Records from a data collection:
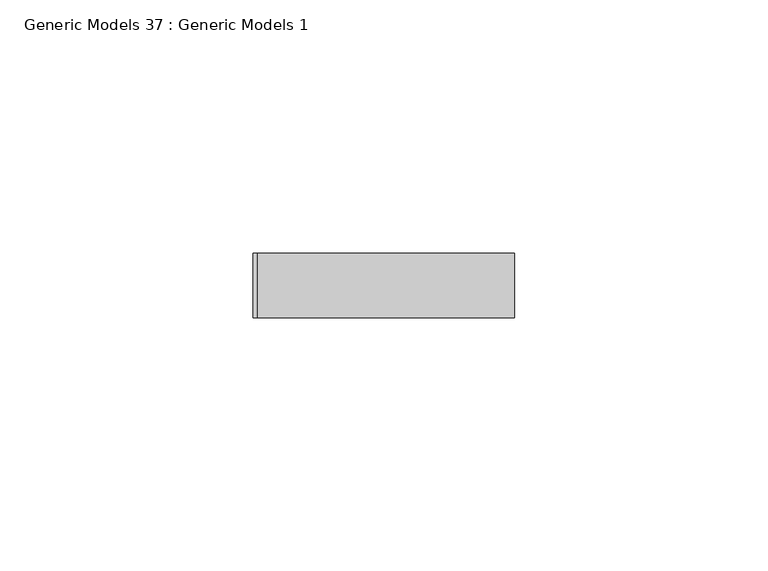
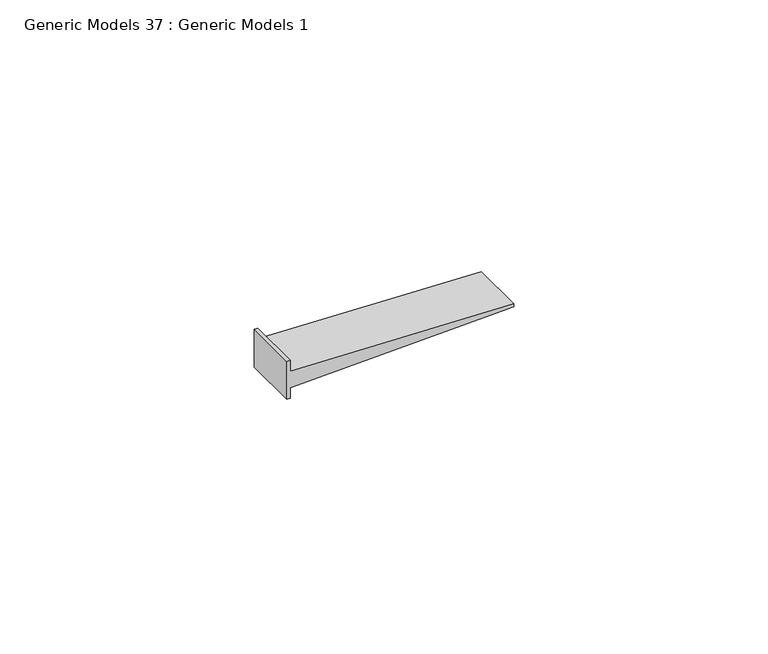
"""IFC4 building model written with IfcOpenShell, lengths in millimetres: proxy geometry, Generic Models 37 : Generic Models 1."""

import ifcopenshell
import ifcopenshell.guid

model = None  # the IFC model being written
_history = None  # IfcOwnerHistory: only IFC2X3 demands one
_inside = {}  # id of a spatial element -> (the spatial element, [elements in it])
_under = {}  # id of a project, library or spatial element -> (it, [spatial elements below it])
_declared = {}  # id of a project -> (the project, [libraries it declares])
_typed = {}  # id of a type object -> (the type object, [elements of that type])
_made_of = {}  # id of a material, layer set ... -> (it, [elements and type objects made of it])


def new_model(schema):
    """Start an empty IFC model of exactly this schema.

    Asked for "IFC4X3", IfcOpenShell would pick the latest addendum, in which some entities
    have other attributes; the version numbers below select the first issue.
    IFC2X3 requires an IfcOwnerHistory on every rooted entity: one is made here for all.
    """
    global model, _history
    if schema == "IFC4X3":
        model = ifcopenshell.file(schema_version=(4, 3, 0, 0))
    else:
        model = ifcopenshell.file(schema=schema)
    _inside.clear()
    _under.clear()
    _declared.clear()
    _typed.clear()
    _made_of.clear()
    _history = None
    if model.schema == "IFC2X3":
        org = make("IfcOrganization", Name="unknown")
        user = make(
            "IfcPersonAndOrganization",
            ThePerson=make("IfcPerson", FamilyName="unknown"),
            TheOrganization=org,
        )
        app = make(
            "IfcApplication",
            ApplicationDeveloper=org,
            Version="unknown",
            ApplicationFullName="unknown",
            ApplicationIdentifier="unknown",
        )
        _history = make(
            "IfcOwnerHistory",
            OwningUser=user,
            OwningApplication=app,
            ChangeAction="ADDED",
            CreationDate=0,
        )
    return model


def make(cls, **values):
    """One entity of the class cls with the attributes given. An attribute that is None is left unset."""
    return model.create_entity(
        cls, **{name: value for name, value in values.items() if value is not None}
    )


def rooted(cls, **values):
    """An entity with a GlobalId (a new one), such as an element, a storey or a relation."""
    return make(cls, GlobalId=ifcopenshell.guid.new(), OwnerHistory=_history, **values)


def si_unit(unit_type, name, prefix=None):
    """IfcSIUnit, for example si_unit("LENGTHUNIT", "METRE", prefix="MILLI")."""
    return make("IfcSIUnit", UnitType=unit_type, Prefix=prefix, Name=name)


def assignment(units):
    """IfcUnitAssignment: the units of a project."""
    return None if units is None else make("IfcUnitAssignment", Units=units)


def point(xyz):
    """IfcCartesianPoint."""
    return None if xyz is None else make("IfcCartesianPoint", Coordinates=xyz)


def direction(xyz):
    """IfcDirection."""
    return None if xyz is None else make("IfcDirection", DirectionRatios=xyz)


def frame(location, z_axis=None, x_axis=None):
    """IfcAxis2Placement3D, a coordinate frame: its origin and axes. An axis left out is left unset."""
    return make(
        "IfcAxis2Placement3D",
        Location=point(location),
        Axis=direction(z_axis),
        RefDirection=direction(x_axis),
    )


def origin():
    """The frame at (0, 0, 0) with its axes left unset."""
    return frame((0.0, 0.0, 0.0))


def place(relative_to, where):
    """IfcLocalPlacement: puts the frame where relative to a parent placement (None: the world)."""
    return make(
        "IfcLocalPlacement", PlacementRelTo=relative_to, RelativePlacement=where
    )


def context(
    kind, dimensions, precision=None, world=None, true_north=None, identifier=None
):
    """IfcGeometricRepresentationContext, for example the 3D "Model" context."""
    return make(
        "IfcGeometricRepresentationContext",
        ContextIdentifier=identifier,
        ContextType=kind,
        CoordinateSpaceDimension=dimensions,
        Precision=precision,
        WorldCoordinateSystem=world,
        TrueNorth=true_north,
    )


def project(units=None, contexts=None):
    """IfcProject with its units and contexts."""
    return rooted(
        "IfcProject",
        Name="project",
        RepresentationContexts=contexts,
        UnitsInContext=assignment(units),
    )


def spatial(cls, under=None, at=None, **own):
    """A site, building, storey or space (cls), placed at a placement, below another one or the project."""
    s = rooted(cls, ObjectPlacement=at, **own)
    if under is not None:
        _under.setdefault(under.id(), (under, []))[1].append(s)
    return s


def polyline(points):
    """IfcPolyline through the points."""
    return make("IfcPolyline", Points=[point(p) for p in points])


def outline(outer, holes=None, kind="AREA"):
    """IfcArbitraryClosedProfileDef: a profile drawn as a closed curve; with holes, ...WithVoids."""
    if holes is None:
        return make("IfcArbitraryClosedProfileDef", ProfileType=kind, OuterCurve=outer)
    return make(
        "IfcArbitraryProfileDefWithVoids",
        ProfileType=kind,
        OuterCurve=outer,
        InnerCurves=holes,
    )


def extrude(swept, where, along, depth):
    """IfcExtrudedAreaSolid: the profile swept, set in the frame where, extruded along a direction by depth."""
    return make(
        "IfcExtrudedAreaSolid",
        SweptArea=swept,
        Position=where,
        ExtrudedDirection=direction(along),
        Depth=depth,
    )


def shape(context_of_items, identifier, shape_type, items):
    """IfcShapeRepresentation: the items that make up one representation, for example the "Body"."""
    return make(
        "IfcShapeRepresentation",
        ContextOfItems=context_of_items,
        RepresentationIdentifier=identifier,
        RepresentationType=shape_type,
        Items=items,
    )


def source(mapping_origin, context_of_items, identifier, shape_type, items):
    """IfcRepresentationMap: a shape defined once, which mapped items show again and again."""
    return make(
        "IfcRepresentationMap",
        MappingOrigin=mapping_origin,
        MappedRepresentation=shape(context_of_items, identifier, shape_type, items),
    )


def transform(
    local_origin,
    x_axis=None,
    y_axis=None,
    z_axis=None,
    scale=None,
    scale2=None,
    scale3=None,
    uniform=True,
):
    """IfcCartesianTransformationOperator3D, or its non-uniform kind. x_axis, y_axis, z_axis: its Axis1, 2, 3."""
    if uniform:
        return make(
            "IfcCartesianTransformationOperator3D",
            Axis1=direction(x_axis),
            Axis2=direction(y_axis),
            LocalOrigin=point(local_origin),
            Scale=scale,
            Axis3=direction(z_axis),
        )
    return make(
        "IfcCartesianTransformationOperator3DnonUniform",
        Axis1=direction(x_axis),
        Axis2=direction(y_axis),
        LocalOrigin=point(local_origin),
        Scale=scale,
        Axis3=direction(z_axis),
        Scale2=scale2,
        Scale3=scale3,
    )


def mapped(mapping_source, mapping_target):
    """IfcMappedItem: shows the shape of a source again, moved by a transform."""
    return make(
        "IfcMappedItem", MappingSource=mapping_source, MappingTarget=mapping_target
    )


def made_of(thing, what):
    """Note that an element or type object is made of a material, layer set ...; save() writes the relation."""
    if what is not None:
        _made_of.setdefault(what.id(), (what, []))[1].append(thing)
    return thing


def element(
    cls,
    number,
    at=None,
    inside=None,
    cuts=None,
    type_object=None,
    material=None,
    context=None,
    identifier="Body",
    shape_type=None,
    held_by="IfcProductDefinitionShape",
    body=None,
    shapes=None,
    **own,
):
    """One element of the class cls, such as IfcWall. Its Tag is "e" and its number.

    at: its placement. inside: the storey or other place that contains it. cuts: it is an
    opening in that element (IfcRelVoidsElement). A single representation is given by context,
    identifier, shape_type and body (its items); several are given by shapes. held_by: the class
    of the entity that holds the representations. save() writes the other relations.
    """
    e = rooted(cls, Tag="e%d" % number, ObjectPlacement=at, **own)
    if body is not None:
        shapes = [shape(context, identifier, shape_type, body)]
    if shapes is not None:
        e.Representation = make(held_by, Representations=shapes)
    if inside is not None:
        _inside.setdefault(inside.id(), (inside, []))[1].append(e)
    if cuts is not None:
        rooted(
            "IfcRelVoidsElement", RelatingBuildingElement=cuts, RelatedOpeningElement=e
        )
    if type_object is not None:
        _typed.setdefault(type_object.id(), (type_object, []))[1].append(e)
    return made_of(e, material)


def aggregate(whole, parts):
    """IfcRelAggregates: a whole, such as a stair, and the parts it consists of."""
    return rooted("IfcRelAggregates", RelatingObject=whole, RelatedObjects=parts)


def save(model, path):
    """Write the relations noted so far, then the file.

    IfcRelAggregates (storeys below a building ...), IfcRelContainedInSpatialStructure (elements
    in a storey), IfcRelDefinesByType, IfcRelAssociatesMaterial and IfcRelDeclares: one each for
    every whole, place, type object, material and project.
    """
    for whole, parts in _under.values():
        aggregate(whole, parts)
    for where, things in _inside.values():
        rooted(
            "IfcRelContainedInSpatialStructure",
            RelatedElements=things,
            RelatingStructure=where,
        )
    for kind, things in _typed.values():
        rooted("IfcRelDefinesByType", RelatedObjects=things, RelatingType=kind)
    for what, things in _made_of.values():
        rooted("IfcRelAssociatesMaterial", RelatedObjects=things, RelatingMaterial=what)
    for by, libraries in _declared.values():
        rooted("IfcRelDeclares", RelatingContext=by, RelatedDefinitions=libraries)
    model.write(path)


def generic_models_37_generic_models_1_d2f23889(model_context):
    return source(origin(), model_context, "Body", "SweptSolid", [
        extrude(outline(polyline([(485.1617794, 52541.7008608), (476.0685794, 52541.7008608), (476.0685794, 52542.4946108), (478.618443, 52542.4946108), (480.2158321, 52593.2946108), (481.0145267, 52593.2946108), (482.6119158, 52542.4946108), (485.1617794, 52542.4946108), (485.1617794, 52541.7008608)])), frame((0.0, 565.15, 0.0), z_axis=(0.0, 1.0, 0.0), x_axis=(0.0, 0.0, 1.0)), (0.0, 0.0, 1.0), 12.7),
    ])


if __name__ == "__main__":
    model = new_model("IFC4")
    model_context = context("Model", 3, world=origin())
    ifc_project = project(units=[si_unit("LENGTHUNIT", "METRE", prefix="MILLI")], contexts=[model_context])
    site = spatial("IfcSite", under=ifc_project)
    building = spatial("IfcBuilding", under=site)
    placement = place(None, origin())
    generic_models_37_generic_models_1_shape = generic_models_37_generic_models_1_d2f23889(model_context)
    element("IfcBuildingElementProxy", 1, Name="Generic Models 37 : Generic Models 1", ObjectType="Generic Models 37 : Generic Models 1", at=placement, inside=building, context=model_context, shape_type="MappedRepresentation", body=[
        mapped(generic_models_37_generic_models_1_shape, transform((0.0, 0.0, 0.0), x_axis=(1.0, 0.0, 0.0), y_axis=(0.0, 1.0, 0.0), z_axis=(0.0, 0.0, 1.0))),
    ])
    save(model, "model.ifc")

# Revit data of these elements
# Element 1 (IfcBuildingElementProxy, "Generic Models 37 : Generic Models 1")
#   Materials on its faces: "ATTACH GYPSUM BOARD TO STUDS AND NOT TO TOP TRACK"
# Materials
#   "ATTACH GYPSUM BOARD TO STUDS AND NOT TO TOP TRACK": class "Generic", colour RGB 48 48 48, transparency 0, Cost = 0

AIM OF THE TASK:
Find the lines above that contain the word "unknown" and collect them.

REPLY:
        org = make("IfcOrganization", Name="unknown")
            ThePerson=make("IfcPerson", FamilyName="unknown"),
            Version="unknown",
            ApplicationFullName="unknown",
            ApplicationIdentifier="unknown",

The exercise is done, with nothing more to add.